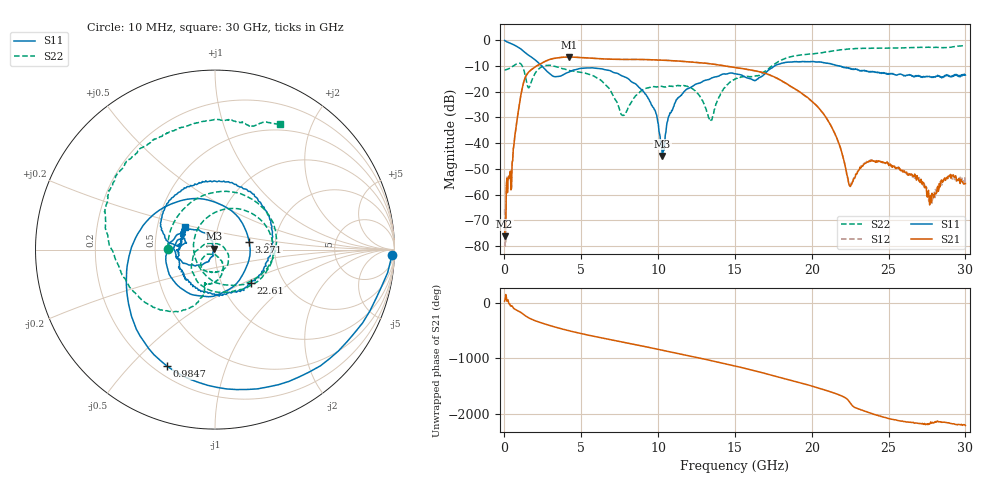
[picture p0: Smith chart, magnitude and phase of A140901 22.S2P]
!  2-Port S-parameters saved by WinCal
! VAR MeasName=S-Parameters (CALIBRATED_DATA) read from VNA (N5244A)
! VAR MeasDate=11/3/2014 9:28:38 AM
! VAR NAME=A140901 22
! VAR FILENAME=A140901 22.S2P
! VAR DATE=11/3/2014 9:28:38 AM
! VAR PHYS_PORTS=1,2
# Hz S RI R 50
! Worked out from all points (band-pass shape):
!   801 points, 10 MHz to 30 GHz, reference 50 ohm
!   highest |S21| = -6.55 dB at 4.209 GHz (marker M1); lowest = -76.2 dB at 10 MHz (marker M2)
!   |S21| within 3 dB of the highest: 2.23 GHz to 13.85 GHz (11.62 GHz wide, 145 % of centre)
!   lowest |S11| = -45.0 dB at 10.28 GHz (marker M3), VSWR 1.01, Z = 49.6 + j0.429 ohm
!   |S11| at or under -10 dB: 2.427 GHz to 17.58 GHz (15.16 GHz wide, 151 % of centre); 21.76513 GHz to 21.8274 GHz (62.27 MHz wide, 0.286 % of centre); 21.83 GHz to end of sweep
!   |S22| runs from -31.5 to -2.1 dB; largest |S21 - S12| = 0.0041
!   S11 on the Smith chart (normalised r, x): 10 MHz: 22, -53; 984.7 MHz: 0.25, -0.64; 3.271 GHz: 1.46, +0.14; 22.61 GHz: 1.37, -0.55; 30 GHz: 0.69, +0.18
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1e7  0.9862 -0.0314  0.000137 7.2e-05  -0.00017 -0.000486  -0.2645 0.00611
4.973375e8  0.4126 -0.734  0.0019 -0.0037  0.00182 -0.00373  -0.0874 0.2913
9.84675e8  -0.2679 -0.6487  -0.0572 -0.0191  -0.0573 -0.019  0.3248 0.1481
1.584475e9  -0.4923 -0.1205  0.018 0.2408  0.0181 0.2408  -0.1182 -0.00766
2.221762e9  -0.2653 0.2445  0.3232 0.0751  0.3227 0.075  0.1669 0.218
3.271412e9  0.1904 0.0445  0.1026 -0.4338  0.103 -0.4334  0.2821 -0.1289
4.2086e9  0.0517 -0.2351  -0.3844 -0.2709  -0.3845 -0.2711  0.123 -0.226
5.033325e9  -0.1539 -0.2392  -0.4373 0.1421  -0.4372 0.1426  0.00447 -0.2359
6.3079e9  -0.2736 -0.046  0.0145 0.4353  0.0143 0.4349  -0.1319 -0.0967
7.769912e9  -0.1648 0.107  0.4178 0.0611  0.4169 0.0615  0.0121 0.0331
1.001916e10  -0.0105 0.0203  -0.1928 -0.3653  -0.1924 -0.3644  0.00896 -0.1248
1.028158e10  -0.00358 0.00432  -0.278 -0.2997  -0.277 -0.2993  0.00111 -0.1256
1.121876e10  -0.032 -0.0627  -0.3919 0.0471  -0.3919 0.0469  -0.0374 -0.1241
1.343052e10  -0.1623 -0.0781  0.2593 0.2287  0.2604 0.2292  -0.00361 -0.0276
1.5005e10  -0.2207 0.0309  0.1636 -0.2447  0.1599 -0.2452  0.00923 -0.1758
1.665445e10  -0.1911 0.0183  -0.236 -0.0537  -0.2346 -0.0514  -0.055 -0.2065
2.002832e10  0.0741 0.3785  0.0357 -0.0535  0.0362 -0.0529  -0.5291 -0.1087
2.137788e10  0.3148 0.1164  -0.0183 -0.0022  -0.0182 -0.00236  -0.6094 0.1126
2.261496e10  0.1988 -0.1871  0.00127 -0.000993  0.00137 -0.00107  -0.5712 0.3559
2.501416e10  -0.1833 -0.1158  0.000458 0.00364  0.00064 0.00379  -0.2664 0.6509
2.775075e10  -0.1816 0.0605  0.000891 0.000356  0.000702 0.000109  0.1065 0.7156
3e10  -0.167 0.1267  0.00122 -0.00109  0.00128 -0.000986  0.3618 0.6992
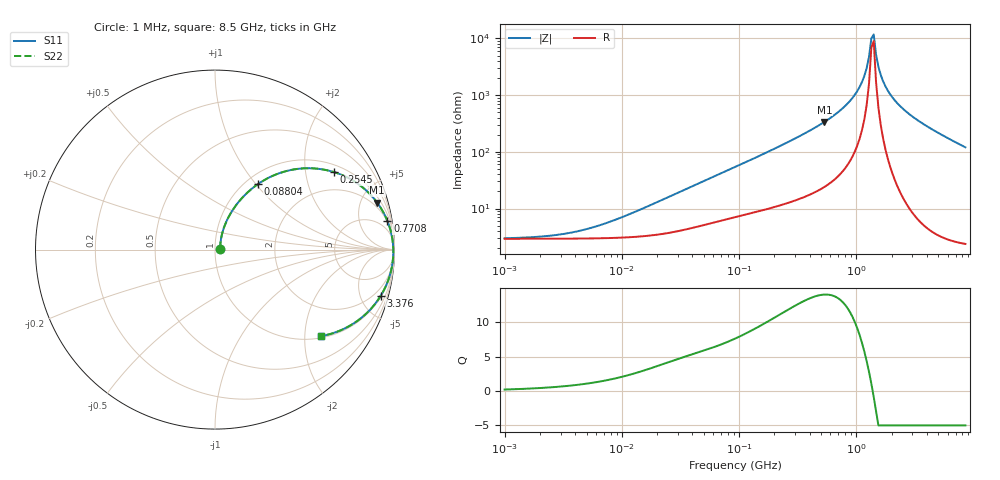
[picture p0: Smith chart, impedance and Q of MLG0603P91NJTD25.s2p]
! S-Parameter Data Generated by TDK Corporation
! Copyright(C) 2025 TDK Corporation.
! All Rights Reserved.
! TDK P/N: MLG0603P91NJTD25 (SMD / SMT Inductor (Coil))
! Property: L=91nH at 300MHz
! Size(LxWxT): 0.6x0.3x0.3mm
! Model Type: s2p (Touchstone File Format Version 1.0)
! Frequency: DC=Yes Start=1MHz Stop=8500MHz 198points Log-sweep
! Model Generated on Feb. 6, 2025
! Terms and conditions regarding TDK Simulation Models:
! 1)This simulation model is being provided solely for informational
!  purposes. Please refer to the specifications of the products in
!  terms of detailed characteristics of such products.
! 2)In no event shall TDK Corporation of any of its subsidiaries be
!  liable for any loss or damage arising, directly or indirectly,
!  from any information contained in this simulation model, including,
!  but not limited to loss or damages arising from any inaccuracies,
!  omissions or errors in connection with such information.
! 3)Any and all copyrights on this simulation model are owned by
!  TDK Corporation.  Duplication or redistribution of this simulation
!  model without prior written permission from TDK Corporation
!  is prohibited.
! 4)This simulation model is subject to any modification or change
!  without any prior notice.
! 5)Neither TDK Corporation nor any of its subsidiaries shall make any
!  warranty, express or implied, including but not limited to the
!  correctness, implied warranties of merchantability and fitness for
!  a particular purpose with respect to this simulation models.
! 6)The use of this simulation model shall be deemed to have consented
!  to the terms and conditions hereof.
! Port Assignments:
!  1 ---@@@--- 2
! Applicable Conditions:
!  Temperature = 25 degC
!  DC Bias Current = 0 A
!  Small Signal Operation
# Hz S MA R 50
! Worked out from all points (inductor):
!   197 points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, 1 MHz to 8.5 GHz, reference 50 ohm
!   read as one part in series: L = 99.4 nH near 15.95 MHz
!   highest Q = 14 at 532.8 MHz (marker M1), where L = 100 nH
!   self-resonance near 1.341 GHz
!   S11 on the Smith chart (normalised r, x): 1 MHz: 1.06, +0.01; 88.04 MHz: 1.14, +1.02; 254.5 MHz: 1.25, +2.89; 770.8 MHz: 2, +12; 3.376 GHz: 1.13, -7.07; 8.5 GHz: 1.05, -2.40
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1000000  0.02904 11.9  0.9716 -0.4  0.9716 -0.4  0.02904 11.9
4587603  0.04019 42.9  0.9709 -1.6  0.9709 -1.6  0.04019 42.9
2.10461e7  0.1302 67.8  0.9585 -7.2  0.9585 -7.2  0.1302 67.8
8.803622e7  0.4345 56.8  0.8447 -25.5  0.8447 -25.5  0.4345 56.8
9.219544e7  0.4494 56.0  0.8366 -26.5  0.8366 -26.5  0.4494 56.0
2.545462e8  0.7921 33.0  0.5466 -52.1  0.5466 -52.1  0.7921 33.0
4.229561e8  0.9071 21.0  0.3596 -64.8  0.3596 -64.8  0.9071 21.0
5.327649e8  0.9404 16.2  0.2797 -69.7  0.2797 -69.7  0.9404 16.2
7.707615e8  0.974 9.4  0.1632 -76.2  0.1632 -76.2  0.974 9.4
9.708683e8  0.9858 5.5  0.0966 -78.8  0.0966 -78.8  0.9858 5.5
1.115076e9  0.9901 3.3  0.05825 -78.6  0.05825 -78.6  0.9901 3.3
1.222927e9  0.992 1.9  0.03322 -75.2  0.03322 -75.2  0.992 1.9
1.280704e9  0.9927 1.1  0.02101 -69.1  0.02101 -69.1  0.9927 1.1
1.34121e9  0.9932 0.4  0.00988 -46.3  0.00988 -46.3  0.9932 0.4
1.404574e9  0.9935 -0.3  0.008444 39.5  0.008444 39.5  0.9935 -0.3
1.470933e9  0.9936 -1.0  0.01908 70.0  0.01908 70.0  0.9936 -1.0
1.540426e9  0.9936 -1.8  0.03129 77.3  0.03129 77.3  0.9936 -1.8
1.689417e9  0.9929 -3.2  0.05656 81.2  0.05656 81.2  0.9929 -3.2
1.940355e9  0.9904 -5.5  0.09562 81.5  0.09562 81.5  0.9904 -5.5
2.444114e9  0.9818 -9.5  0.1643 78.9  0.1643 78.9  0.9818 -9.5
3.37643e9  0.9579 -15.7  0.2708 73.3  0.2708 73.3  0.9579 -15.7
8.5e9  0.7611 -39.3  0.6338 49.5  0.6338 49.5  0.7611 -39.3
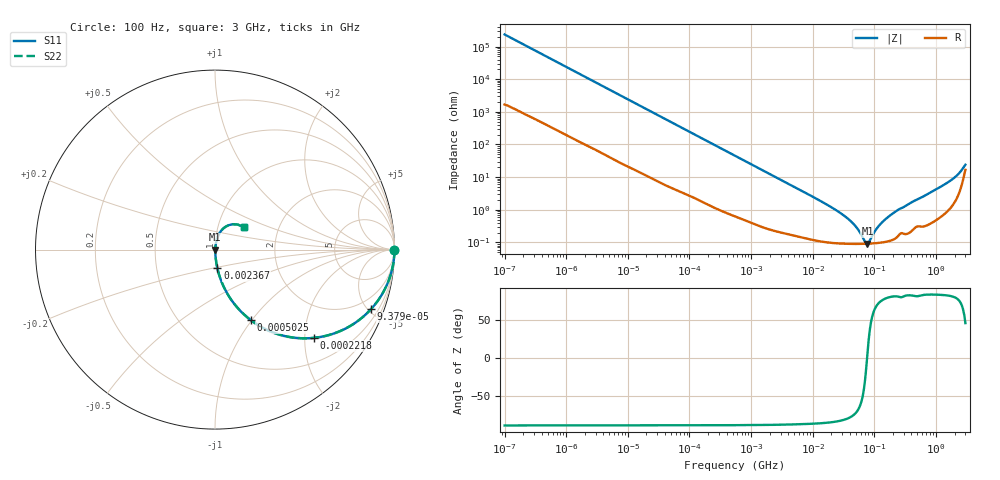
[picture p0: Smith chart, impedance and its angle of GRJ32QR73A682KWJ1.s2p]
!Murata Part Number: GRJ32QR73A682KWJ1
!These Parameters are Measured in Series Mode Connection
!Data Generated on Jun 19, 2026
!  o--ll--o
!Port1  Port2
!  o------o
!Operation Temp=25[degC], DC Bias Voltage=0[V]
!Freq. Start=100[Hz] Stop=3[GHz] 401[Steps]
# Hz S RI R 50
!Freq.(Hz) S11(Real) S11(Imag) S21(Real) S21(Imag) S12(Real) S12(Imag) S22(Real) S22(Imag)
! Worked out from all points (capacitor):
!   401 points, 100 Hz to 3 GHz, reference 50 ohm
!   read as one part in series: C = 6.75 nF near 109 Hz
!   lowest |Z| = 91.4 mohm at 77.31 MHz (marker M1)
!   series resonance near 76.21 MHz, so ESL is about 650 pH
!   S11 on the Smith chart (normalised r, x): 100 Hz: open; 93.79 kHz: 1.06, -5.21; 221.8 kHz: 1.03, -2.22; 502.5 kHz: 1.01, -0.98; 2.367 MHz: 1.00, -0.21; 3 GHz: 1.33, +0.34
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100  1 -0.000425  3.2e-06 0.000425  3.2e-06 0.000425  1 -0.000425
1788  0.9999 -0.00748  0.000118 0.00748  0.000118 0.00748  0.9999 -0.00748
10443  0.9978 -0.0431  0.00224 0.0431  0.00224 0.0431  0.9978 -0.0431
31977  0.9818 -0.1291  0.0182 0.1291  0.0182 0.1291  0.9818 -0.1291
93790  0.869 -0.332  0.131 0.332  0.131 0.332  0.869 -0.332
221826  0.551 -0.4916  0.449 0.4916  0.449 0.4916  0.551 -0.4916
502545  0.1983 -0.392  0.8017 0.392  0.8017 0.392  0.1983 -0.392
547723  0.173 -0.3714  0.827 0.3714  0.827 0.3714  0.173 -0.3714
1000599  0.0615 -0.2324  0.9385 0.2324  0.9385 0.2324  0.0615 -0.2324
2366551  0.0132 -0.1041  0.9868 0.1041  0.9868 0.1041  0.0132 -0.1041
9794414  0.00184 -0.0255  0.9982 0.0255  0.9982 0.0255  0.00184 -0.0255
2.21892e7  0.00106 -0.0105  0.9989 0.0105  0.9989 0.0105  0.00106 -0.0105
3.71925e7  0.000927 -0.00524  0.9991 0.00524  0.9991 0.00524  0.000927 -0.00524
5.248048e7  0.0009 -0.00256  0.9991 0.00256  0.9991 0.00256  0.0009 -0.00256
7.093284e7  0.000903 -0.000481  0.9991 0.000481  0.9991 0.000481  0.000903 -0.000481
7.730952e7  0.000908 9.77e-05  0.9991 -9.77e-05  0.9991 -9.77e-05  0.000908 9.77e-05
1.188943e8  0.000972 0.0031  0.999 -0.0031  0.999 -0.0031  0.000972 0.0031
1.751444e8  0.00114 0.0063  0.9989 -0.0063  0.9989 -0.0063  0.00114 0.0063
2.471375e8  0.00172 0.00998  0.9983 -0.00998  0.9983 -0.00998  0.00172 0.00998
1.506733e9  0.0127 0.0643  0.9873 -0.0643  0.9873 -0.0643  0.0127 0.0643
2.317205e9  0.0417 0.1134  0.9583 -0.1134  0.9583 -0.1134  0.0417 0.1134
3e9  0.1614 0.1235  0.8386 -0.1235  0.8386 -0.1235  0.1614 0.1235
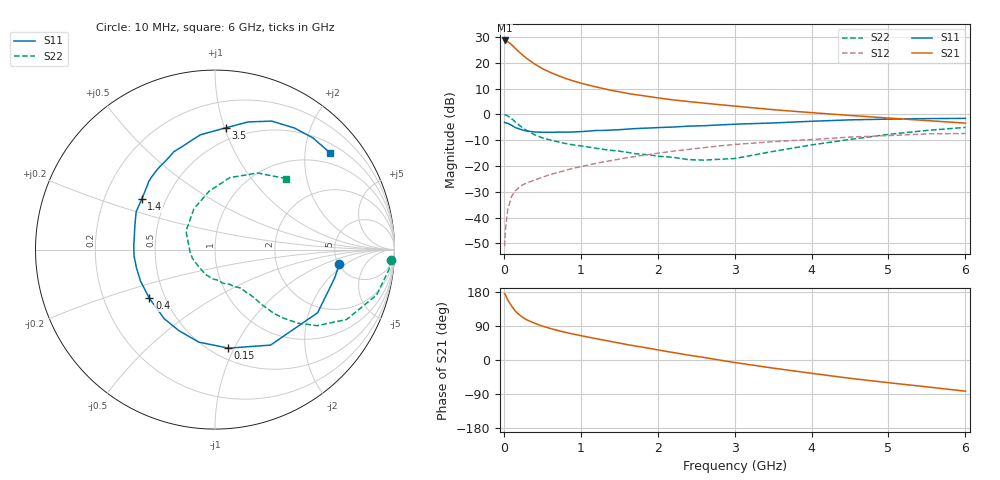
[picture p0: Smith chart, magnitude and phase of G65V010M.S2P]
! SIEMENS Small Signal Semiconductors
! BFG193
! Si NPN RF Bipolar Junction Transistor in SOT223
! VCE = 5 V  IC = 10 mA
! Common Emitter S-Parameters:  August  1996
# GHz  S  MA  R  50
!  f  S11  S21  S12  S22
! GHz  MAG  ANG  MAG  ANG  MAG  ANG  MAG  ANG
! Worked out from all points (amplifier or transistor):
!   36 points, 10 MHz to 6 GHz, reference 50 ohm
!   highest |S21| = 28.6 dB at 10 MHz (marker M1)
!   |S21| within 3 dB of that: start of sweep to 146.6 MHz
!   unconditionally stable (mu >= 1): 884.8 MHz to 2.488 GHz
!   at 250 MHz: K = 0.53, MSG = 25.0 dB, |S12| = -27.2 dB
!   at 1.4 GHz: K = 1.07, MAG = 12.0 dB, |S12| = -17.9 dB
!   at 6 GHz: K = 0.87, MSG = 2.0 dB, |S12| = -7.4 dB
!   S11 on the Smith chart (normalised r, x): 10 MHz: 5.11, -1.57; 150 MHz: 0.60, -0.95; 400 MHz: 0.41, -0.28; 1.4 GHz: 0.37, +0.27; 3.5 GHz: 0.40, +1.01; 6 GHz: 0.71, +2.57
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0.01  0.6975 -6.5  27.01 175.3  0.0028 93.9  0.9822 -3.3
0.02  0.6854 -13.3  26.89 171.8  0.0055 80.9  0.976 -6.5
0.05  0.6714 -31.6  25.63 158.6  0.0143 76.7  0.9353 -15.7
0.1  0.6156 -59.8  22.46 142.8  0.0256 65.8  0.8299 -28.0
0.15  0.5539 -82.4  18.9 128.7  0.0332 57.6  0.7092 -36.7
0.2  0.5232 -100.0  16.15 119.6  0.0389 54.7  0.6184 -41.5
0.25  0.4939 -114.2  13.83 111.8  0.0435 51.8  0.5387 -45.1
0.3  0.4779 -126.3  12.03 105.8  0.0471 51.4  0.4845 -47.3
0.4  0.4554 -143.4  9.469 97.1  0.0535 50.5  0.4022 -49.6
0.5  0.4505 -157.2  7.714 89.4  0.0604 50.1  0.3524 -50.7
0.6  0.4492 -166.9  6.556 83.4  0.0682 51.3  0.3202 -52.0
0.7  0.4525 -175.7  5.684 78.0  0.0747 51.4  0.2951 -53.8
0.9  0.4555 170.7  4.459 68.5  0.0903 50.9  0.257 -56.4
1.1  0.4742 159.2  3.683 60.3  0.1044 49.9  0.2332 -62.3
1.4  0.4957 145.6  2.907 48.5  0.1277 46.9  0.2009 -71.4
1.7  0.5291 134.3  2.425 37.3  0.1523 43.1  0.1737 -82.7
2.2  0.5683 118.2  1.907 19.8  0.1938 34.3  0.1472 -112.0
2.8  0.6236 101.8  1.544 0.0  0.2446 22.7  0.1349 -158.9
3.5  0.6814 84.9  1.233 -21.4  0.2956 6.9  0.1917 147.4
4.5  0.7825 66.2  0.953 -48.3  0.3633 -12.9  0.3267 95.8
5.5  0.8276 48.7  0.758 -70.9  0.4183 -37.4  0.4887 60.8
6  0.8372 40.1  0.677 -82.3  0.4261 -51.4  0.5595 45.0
--------------------------------
WHAT YOU ARE ASKED TO DO: Taking the lines above, repeat exactly those from the line that contains "liable for any" through the line that contains "to have consented", and both of those lines as well. Include nothing else.

RESULT FOR THIS TASK:
!  liable for any loss or damage arising, directly or indirectly,
!  from any information contained in this simulation model, including,
!  but not limited to loss or damages arising from any inaccuracies,
!  omissions or errors in connection with such information.
! 3)Any and all copyrights on this simulation model are owned by
!  TDK Corporation.  Duplication or redistribution of this simulation
!  model without prior written permission from TDK Corporation
!  is prohibited.
! 4)This simulation model is subject to any modification or change
!  without any prior notice.
! 5)Neither TDK Corporation nor any of its subsidiaries shall make any
!  warranty, express or implied, including but not limited to the
!  correctness, implied warranties of merchantability and fitness for
!  a particular purpose with respect to this simulation models.
! 6)The use of this simulation model shall be deemed to have consented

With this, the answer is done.